# Chinese Tallow



## Texas Bee

> Is Chinese Tallow a fast crystallizing honey?


Yes it will crystallize... but it does not crystallize as fast as cotton.

Last year I made 5 gals of it... I still have alittle left in a jar, and it has not crystallized yet..

The Tallow trees are still dormant here ( no leaves yet. )

I have heard 1 story bout a beek that had several barrels of it and it fermented and blew the tops off the barrels.


----------



## Jeffrey Todd

I never had any problems with it crystallizing more than most honeys. I am always happy to locate bees near Chinese Tallow trees.


----------



## tecumseh

michael palmer writes:
Could be a storage problem at the customer's end.

tecumseh:
could be. if you acquired this from a packer I am informed they move the tallow honey out as quickly as possible to limit loss for the reason(s) Texas Bee suggested.

If my old memory card hasn't gone bad (yet)... it was also the flowering tree tha Walter T. Kelley promoted and his early beekeeping days in Louisiana were concentrated in the Tallow areas. I think it is now illegal to spread or propagate Tallow since it is now considered a dangerous invader species.


----------



## wfarler

*tallow*

when does it bloom?


----------



## arthur

according to this, 23% of all trees in the Houston area are Chinese Tallow trees.

http://www.houstonregionalforest.org/Report/Page05

I'm not sure when it blooms, I just know that it produces nectar after most nectar sources have been tapped out.

When I move, I will be giving gifts of chinese tallow saplings to all my neighbors. I won't plant one myself, because they make a huge mess.


----------



## Texas Bee

Their not blooming yet. Maybe in about 3 weeks.


...


----------



## summer1052

Mr. Mertz, my beloved (96 yo!!) sweetheart and mentor says the Tallow trees are excellent because they also "make wax". 

The tallow trees got their name from the waxy coating on the seeds settlers used to make soap and candles. They make lots of nectar which promotes comb building.

He says Huisatche (weesatch) is also good for this. I have also heard that wax myrtle (coomon in the south, but not in my neighborhood) is good, too. (?)

They ARE considered to be "trash" trees. They can be brittle, break up in wind storms, are short-lived (15 years) and the leaves and sap can be poisonous to other plants.

On the plus side, they are fast growing, good shade trees, not too big (hence their popularity in urban areas like Houston) and easy care. And bees like the blossoms.

Like any other plant, in the right spot it's a treasure; in the wrong spot, it's a nightmare. Or a weed.  
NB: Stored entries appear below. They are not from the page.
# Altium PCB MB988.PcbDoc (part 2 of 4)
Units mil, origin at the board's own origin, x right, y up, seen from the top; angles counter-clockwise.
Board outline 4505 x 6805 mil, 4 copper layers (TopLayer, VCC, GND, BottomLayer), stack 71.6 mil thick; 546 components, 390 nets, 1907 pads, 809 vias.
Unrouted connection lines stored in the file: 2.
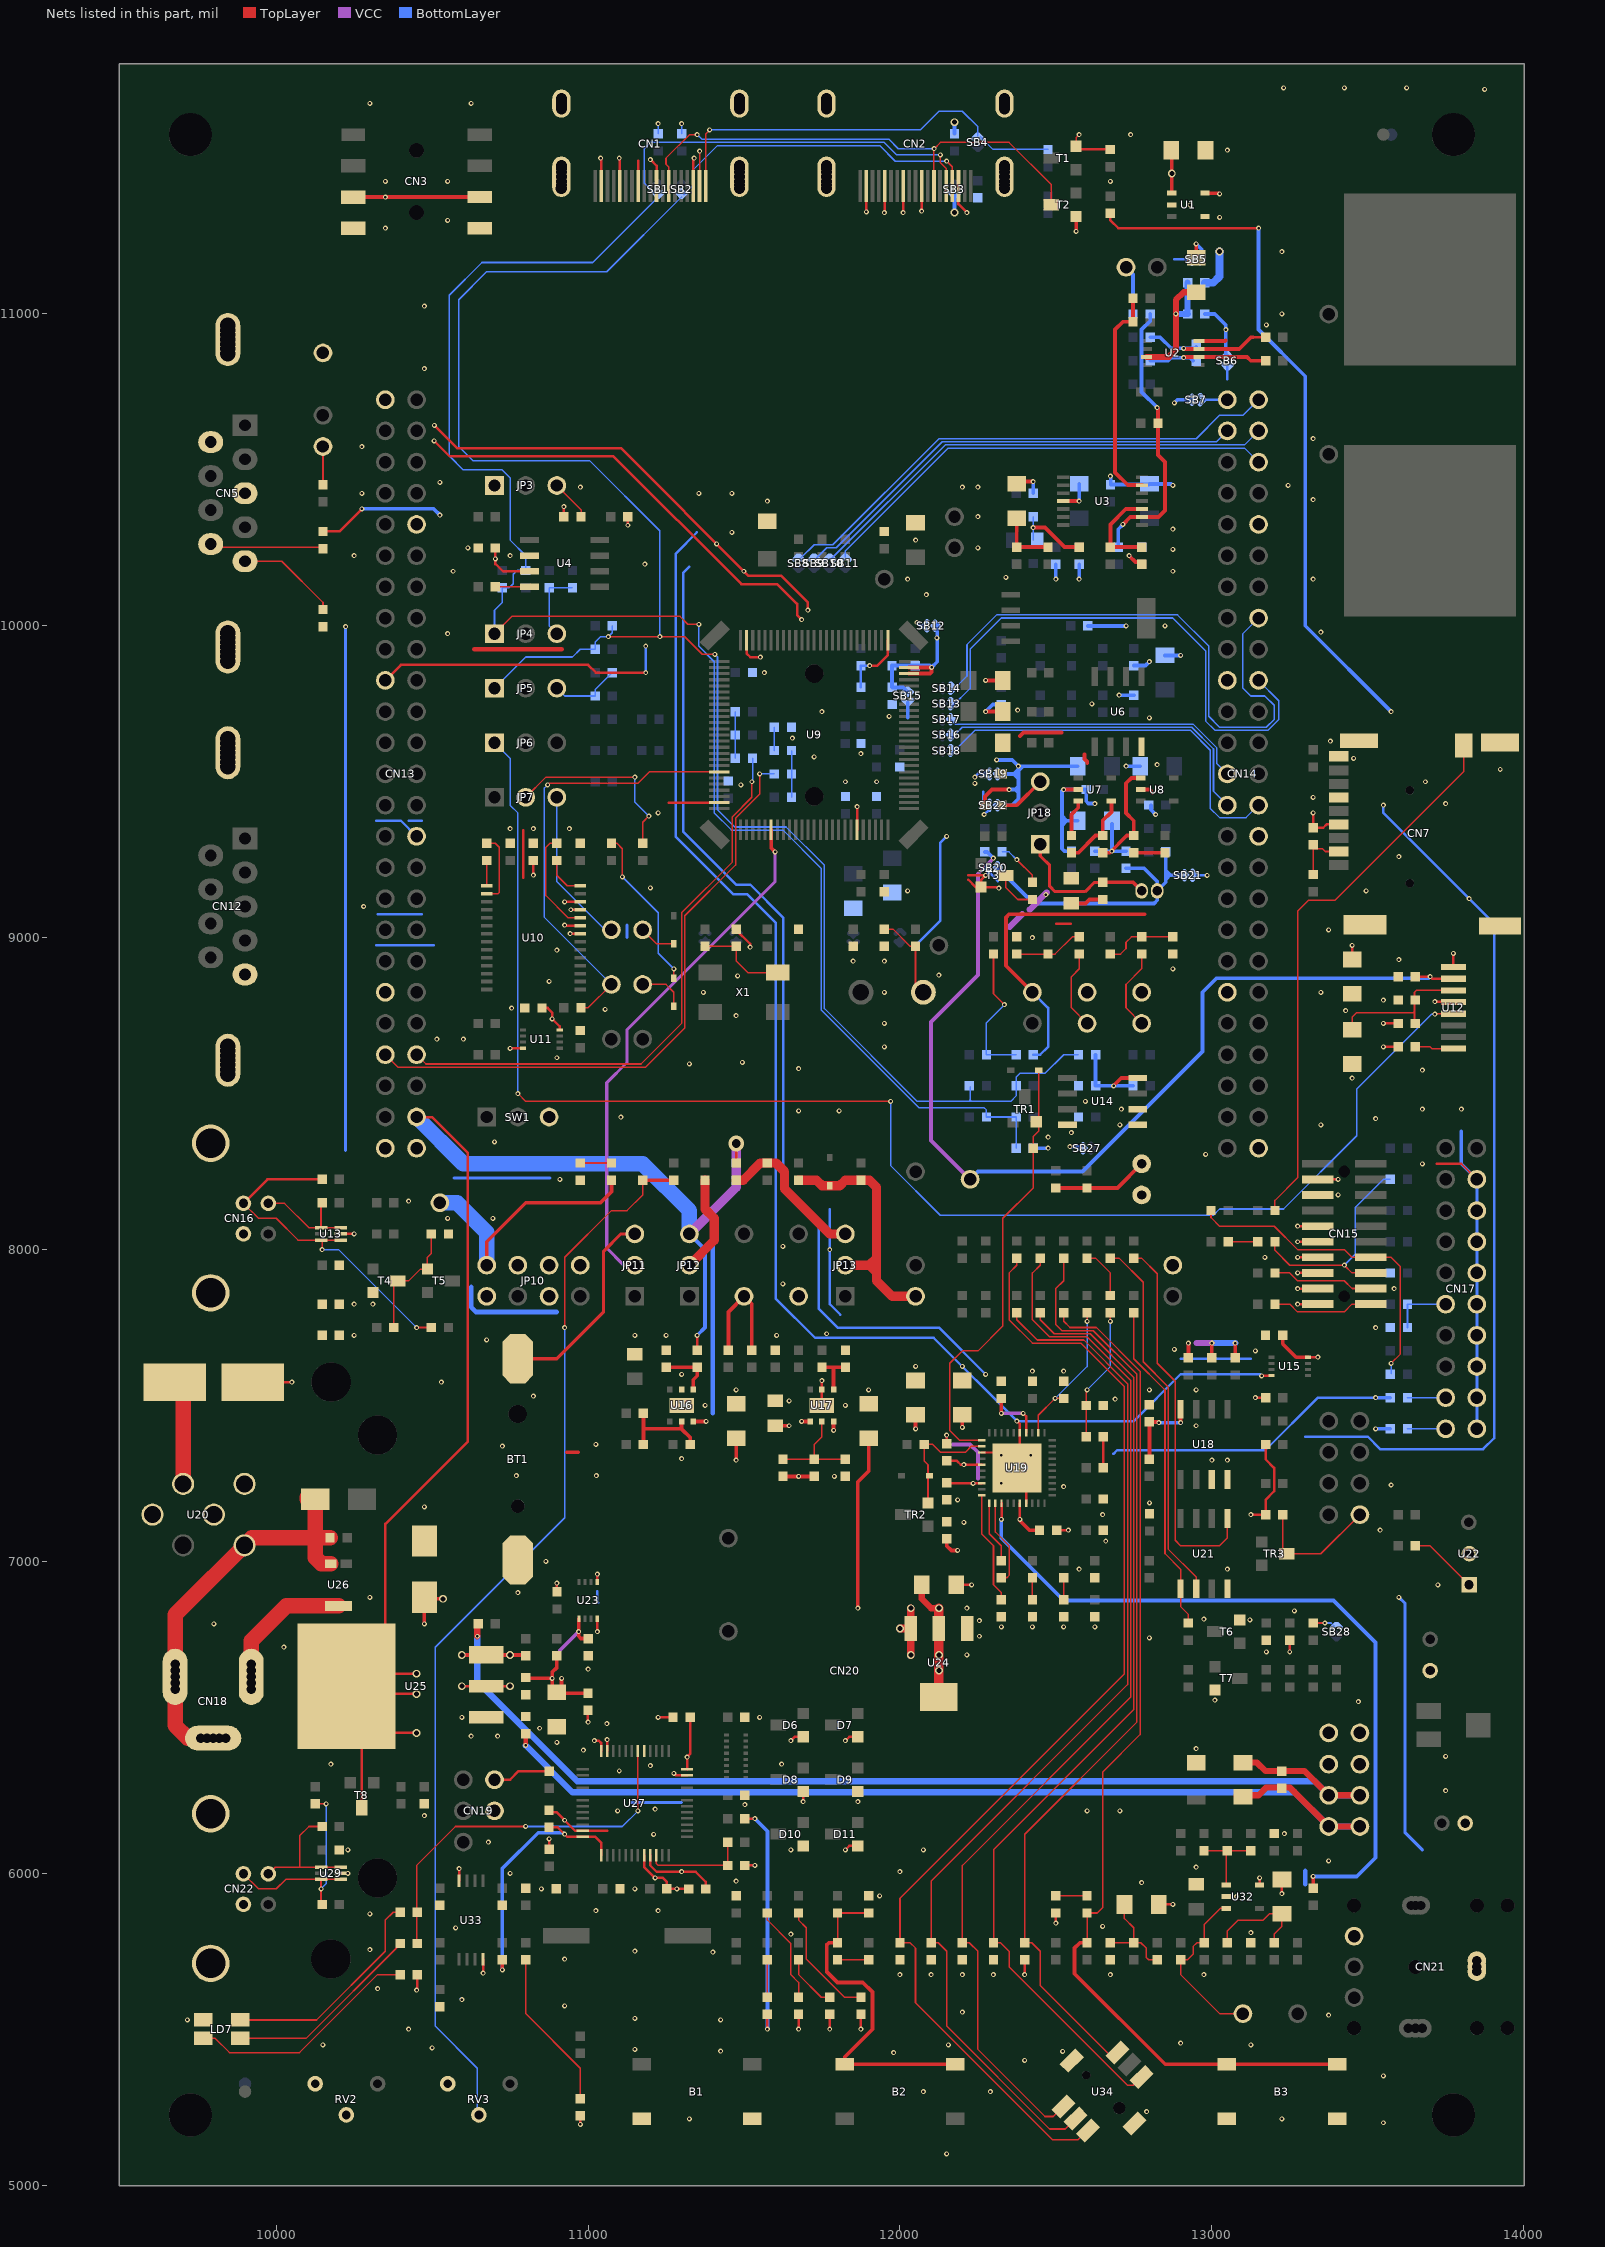
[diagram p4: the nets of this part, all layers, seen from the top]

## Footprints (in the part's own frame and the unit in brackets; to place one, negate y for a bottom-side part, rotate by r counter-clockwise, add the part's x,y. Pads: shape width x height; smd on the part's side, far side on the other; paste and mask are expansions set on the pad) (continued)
XTAL_socket [mil]
  round 80 hole 53 mask+4: 1(100,0) 2(-100,0)
  silkscreen extent -215,-89 214,89

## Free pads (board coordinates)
  round 137.8 hole 137.8 unplated mask+4: 0(9725,5225) 0(13775,5225) 0(13775,11575)
  round 137.79 hole 137.79 unplated mask+4: 0(9725,11575)

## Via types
v1: diameter 16, hole 8, TopLayer to BottomLayer, tented both sides, 786 vias
v2: diameter 25, hole 16, TopLayer to BottomLayer, tented both sides, 20 vias
v3: diameter 50, hole 28, TopLayer to BottomLayer, tented both sides, 3 vias

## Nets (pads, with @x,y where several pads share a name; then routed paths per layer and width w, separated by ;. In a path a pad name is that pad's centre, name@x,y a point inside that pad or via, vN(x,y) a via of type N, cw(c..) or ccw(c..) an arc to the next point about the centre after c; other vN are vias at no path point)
+1V8: C37.1 C41.2 R99.2 R102.2 R114.1 TP12.1 U17.4 | length 548.7
  TopLayer w12: R102.2@11450,7677.5 11450,7800 TP12.1@11500,7850 11525,7825 R99.2@11525,7677.5 ; C37.1@11600,7435 v1(11645,7435) ; C41.2@11625,7272.5 R114.1@11725,7272.5 ; v1(11685,7448.82) U17.4@11712.6,7448.82
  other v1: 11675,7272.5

I am going to plant some here on my place, along with Vitex and a bunch of other things.

Summer


----------



## Texas Bee

> when does it bloom?


farley, it want be to long now , mine are starting to put on blooms as we speek. I will try and take a picture of them in bloom.


Heres the pictures... http://s276.photobucket.com/albums/kk23/mikemcvey/?action=view&current=0422091859b.jpg


----------



## julysun

An update, mine are just starting to open flowers, 5/5/2012. Deer Park just south of Houston.


----------



## Tom Brueggen

I'm in Kingwood, NE of Houston, and my neighbor's Tallow tree has been in bloom for over a week. My bees go straight to it! As for planting them, why bother? I had four saplings sprouting on piece of bark that fell in my yard. A PIECE OF BARK! That stuff will grow anywhere you let it. And it's like a Hydra. If you cut it down and don't destroy the roots, it will sprout back 10 fold.


----------



## robherc

Tom Brueggen said:


> If you cut it down and don't destroy the roots, it will sprout back 10 fold.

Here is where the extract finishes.